Exercise prompt
In full and without alteration, print the entries.

[Records excerpted from a collection]
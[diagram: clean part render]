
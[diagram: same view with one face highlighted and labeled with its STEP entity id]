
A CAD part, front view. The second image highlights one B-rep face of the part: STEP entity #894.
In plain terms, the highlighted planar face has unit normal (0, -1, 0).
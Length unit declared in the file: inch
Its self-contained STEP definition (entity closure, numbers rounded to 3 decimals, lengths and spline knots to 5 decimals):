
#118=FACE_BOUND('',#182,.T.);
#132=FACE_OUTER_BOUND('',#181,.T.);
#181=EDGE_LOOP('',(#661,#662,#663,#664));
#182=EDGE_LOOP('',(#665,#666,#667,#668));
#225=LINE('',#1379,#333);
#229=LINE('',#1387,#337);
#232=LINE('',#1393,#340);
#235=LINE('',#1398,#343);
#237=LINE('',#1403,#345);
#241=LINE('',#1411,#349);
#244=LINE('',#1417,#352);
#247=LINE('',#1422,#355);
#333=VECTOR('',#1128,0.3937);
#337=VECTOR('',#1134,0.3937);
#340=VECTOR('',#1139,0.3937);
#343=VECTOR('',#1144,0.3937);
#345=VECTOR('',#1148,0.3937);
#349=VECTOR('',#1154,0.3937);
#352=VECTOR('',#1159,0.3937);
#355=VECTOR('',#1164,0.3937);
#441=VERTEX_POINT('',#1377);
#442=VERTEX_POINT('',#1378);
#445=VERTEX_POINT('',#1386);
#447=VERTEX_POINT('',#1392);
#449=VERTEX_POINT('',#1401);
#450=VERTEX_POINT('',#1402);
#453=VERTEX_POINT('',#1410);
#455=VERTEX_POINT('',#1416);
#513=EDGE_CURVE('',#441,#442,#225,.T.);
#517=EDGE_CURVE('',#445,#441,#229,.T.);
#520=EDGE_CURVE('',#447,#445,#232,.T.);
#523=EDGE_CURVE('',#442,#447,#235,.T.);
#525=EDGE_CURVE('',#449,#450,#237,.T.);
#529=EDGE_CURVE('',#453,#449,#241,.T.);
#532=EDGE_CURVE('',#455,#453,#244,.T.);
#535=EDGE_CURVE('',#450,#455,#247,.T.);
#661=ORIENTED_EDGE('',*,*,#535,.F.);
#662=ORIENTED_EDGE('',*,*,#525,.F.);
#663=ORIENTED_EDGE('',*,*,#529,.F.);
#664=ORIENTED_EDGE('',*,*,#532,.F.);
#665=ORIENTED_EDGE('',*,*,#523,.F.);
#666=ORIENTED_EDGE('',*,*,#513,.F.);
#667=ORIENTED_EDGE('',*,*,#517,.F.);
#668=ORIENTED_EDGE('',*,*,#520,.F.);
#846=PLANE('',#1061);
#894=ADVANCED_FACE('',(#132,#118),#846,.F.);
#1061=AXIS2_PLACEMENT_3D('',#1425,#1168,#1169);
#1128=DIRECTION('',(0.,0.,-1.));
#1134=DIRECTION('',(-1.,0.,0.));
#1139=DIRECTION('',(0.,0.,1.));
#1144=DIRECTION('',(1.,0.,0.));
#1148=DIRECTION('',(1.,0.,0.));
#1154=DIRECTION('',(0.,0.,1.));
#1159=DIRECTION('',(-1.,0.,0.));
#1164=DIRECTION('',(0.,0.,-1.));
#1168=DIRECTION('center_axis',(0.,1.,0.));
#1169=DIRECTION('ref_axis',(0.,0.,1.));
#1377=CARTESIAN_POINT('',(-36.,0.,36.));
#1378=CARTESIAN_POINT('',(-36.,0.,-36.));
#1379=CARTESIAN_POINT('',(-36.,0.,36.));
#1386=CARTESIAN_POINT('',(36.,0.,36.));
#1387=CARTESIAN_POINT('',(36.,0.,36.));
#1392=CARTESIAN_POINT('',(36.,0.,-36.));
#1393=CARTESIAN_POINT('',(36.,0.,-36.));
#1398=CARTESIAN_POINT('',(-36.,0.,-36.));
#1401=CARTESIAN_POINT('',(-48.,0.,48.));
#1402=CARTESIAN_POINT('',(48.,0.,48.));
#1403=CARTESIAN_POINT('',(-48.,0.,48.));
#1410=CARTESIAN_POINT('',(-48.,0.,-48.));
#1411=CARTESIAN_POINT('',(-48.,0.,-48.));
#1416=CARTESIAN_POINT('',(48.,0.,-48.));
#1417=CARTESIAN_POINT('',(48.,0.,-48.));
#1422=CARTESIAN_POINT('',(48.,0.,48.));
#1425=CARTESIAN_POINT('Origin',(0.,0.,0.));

Written response
[diagram: clean part render]
[diagram: same view with one face highlighted and labeled with its STEP entity id]
A CAD part, front view. The second image highlights one B-rep face of the part: STEP entity #894.
In plain terms, the highlighted planar face has unit normal (0, -1, 0).
Length unit declared in the file: inch
Its self-contained STEP definition (entity closure, numbers rounded to 3 decimals, lengths and spline knots to 5 decimals):
#118=FACE_BOUND('',#182,.T.);
#132=FACE_OUTER_BOUND('',#181,.T.);
#181=EDGE_LOOP('',(#661,#662,#663,#664));
#182=EDGE_LOOP('',(#665,#666,#667,#668));
#225=LINE('',#1379,#333);
#229=LINE('',#1387,#337);
#232=LINE('',#1393,#340);
#235=LINE('',#1398,#343);
#237=LINE('',#1403,#345);
#241=LINE('',#1411,#349);
#244=LINE('',#1417,#352);
#247=LINE('',#1422,#355);
#333=VECTOR('',#1128,0.3937);
#337=VECTOR('',#1134,0.3937);
#340=VECTOR('',#1139,0.3937);
#343=VECTOR('',#1144,0.3937);
#345=VECTOR('',#1148,0.3937);
#349=VECTOR('',#1154,0.3937);
#352=VECTOR('',#1159,0.3937);
#355=VECTOR('',#1164,0.3937);
#441=VERTEX_POINT('',#1377);
#442=VERTEX_POINT('',#1378);
#445=VERTEX_POINT('',#1386);
#447=VERTEX_POINT('',#1392);
#449=VERTEX_POINT('',#1401);
#450=VERTEX_POINT('',#1402);
#453=VERTEX_POINT('',#1410);
#455=VERTEX_POINT('',#1416);
#513=EDGE_CURVE('',#441,#442,#225,.T.);
#517=EDGE_CURVE('',#445,#441,#229,.T.);
#520=EDGE_CURVE('',#447,#445,#232,.T.);
#523=EDGE_CURVE('',#442,#447,#235,.T.);
#525=EDGE_CURVE('',#449,#450,#237,.T.);
#529=EDGE_CURVE('',#453,#449,#241,.T.);
#532=EDGE_CURVE('',#455,#453,#244,.T.);
#535=EDGE_CURVE('',#450,#455,#247,.T.);
#661=ORIENTED_EDGE('',*,*,#535,.F.);
#662=ORIENTED_EDGE('',*,*,#525,.F.);
#663=ORIENTED_EDGE('',*,*,#529,.F.);
#664=ORIENTED_EDGE('',*,*,#532,.F.);
#665=ORIENTED_EDGE('',*,*,#523,.F.);
#666=ORIENTED_EDGE('',*,*,#513,.F.);
#667=ORIENTED_EDGE('',*,*,#517,.F.);
#668=ORIENTED_EDGE('',*,*,#520,.F.);
#846=PLANE('',#1061);
#894=ADVANCED_FACE('',(#132,#118),#846,.F.);
#1061=AXIS2_PLACEMENT_3D('',#1425,#1168,#1169);
#1128=DIRECTION('',(0.,0.,-1.));
#1134=DIRECTION('',(-1.,0.,0.));
#1139=DIRECTION('',(0.,0.,1.));
#1144=DIRECTION('',(1.,0.,0.));
#1148=DIRECTION('',(1.,0.,0.));
#1154=DIRECTION('',(0.,0.,1.));
#1159=DIRECTION('',(-1.,0.,0.));
#1164=DIRECTION('',(0.,0.,-1.));
#1168=DIRECTION('center_axis',(0.,1.,0.));
#1169=DIRECTION('ref_axis',(0.,0.,1.));
#1377=CARTESIAN_POINT('',(-36.,0.,36.));
#1378=CARTESIAN_POINT('',(-36.,0.,-36.));
#1379=CARTESIAN_POINT('',(-36.,0.,36.));
#1386=CARTESIAN_POINT('',(36.,0.,36.));
#1387=CARTESIAN_POINT('',(36.,0.,36.));
#1392=CARTESIAN_POINT('',(36.,0.,-36.));
#1393=CARTESIAN_POINT('',(36.,0.,-36.));
#1398=CARTESIAN_POINT('',(-36.,0.,-36.));
#1401=CARTESIAN_POINT('',(-48.,0.,48.));
#1402=CARTESIAN_POINT('',(48.,0.,48.));
#1403=CARTESIAN_POINT('',(-48.,0.,48.));
#1410=CARTESIAN_POINT('',(-48.,0.,-48.));
#1411=CARTESIAN_POINT('',(-48.,0.,-48.));
#1416=CARTESIAN_POINT('',(48.,0.,-48.));
#1417=CARTESIAN_POINT('',(48.,0.,-48.));
#1422=CARTESIAN_POINT('',(48.,0.,48.));
#1425=CARTESIAN_POINT('Origin',(0.,0.,0.));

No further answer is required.